La cafetería de mis sueños empezaba a tomar forma, pies, cabeza y pajarita. Habían ventanales y geranios nacarados. Peonias irisadas y mesas pueblerinas adornadas con detalles grabados, libros, un montón de purpurina y pestañeos coquetos. Las recetas empezaban a conquistar a las papilas gustativas más exigentes, a los ojos más puntillosos y a los olfatos más agudos. Olía a limpio, a hogar, a naturaleza y a momentos compartidos y por compartir. Sonaban notas de piano recién afinado y acariciado por dedos de oro tan delicados que se hacían difíciles de advertir.

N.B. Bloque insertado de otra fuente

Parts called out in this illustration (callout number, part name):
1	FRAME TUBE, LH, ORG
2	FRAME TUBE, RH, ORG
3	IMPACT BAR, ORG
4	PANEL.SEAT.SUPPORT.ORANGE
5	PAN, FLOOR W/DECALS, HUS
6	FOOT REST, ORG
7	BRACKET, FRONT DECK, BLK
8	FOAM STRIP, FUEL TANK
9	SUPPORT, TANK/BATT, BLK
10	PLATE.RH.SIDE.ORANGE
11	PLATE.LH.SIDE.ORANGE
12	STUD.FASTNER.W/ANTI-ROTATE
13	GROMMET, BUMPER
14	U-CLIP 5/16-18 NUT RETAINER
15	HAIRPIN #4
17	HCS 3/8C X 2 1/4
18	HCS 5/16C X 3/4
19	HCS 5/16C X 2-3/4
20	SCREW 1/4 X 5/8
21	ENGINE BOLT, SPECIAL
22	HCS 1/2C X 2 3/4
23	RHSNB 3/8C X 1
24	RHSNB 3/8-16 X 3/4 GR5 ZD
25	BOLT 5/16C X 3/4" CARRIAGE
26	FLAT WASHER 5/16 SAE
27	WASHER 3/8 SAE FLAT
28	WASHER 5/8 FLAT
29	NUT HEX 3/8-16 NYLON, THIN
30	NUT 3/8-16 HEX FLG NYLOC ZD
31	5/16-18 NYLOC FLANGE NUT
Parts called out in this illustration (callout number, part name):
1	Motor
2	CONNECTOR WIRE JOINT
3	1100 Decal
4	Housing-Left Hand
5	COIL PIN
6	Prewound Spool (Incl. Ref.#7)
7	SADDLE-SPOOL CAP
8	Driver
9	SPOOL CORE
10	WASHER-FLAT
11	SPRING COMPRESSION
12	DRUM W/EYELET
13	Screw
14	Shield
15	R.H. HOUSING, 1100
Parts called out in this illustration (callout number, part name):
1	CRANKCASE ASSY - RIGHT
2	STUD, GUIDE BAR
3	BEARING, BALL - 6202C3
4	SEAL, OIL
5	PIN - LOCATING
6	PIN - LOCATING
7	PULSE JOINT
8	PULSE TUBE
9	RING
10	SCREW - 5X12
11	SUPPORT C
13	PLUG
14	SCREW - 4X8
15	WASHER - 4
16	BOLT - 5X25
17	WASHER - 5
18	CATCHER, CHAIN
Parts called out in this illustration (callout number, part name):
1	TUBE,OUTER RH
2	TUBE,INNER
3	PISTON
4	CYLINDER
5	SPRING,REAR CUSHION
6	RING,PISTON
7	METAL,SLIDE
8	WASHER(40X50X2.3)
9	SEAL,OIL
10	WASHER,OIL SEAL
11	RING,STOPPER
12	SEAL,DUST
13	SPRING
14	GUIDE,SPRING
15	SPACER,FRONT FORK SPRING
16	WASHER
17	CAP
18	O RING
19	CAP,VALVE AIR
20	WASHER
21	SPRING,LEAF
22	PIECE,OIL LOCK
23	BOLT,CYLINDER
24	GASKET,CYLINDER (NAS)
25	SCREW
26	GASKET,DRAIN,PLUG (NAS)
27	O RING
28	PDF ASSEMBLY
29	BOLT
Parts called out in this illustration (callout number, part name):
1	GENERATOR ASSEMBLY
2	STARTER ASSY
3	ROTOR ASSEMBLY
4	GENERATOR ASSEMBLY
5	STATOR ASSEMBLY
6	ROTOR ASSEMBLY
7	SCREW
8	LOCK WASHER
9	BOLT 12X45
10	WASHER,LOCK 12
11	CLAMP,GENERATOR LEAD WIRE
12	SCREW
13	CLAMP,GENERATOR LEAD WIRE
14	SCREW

Eran las ocho y tres de la tarde y podía distinguirse cómo, lentamente, empezaba a oscurecer. Era justo ese momento de la agenda diaria en el que las aceras de las calles se tranquilizan y empiezan a cambiar de decoración. Me senté en el balcón y me tapé como si no hubiese un mañana con la manta más suave del universo que, por cierto, había sido un regalo de mi madre dos cumpleaños atrás. Era preciosa, esponjosa y de confección artesana. Tenía encajes, hilos plateados, mucho rosa, pasteles, flores y, calculo, muchas horas de cariño.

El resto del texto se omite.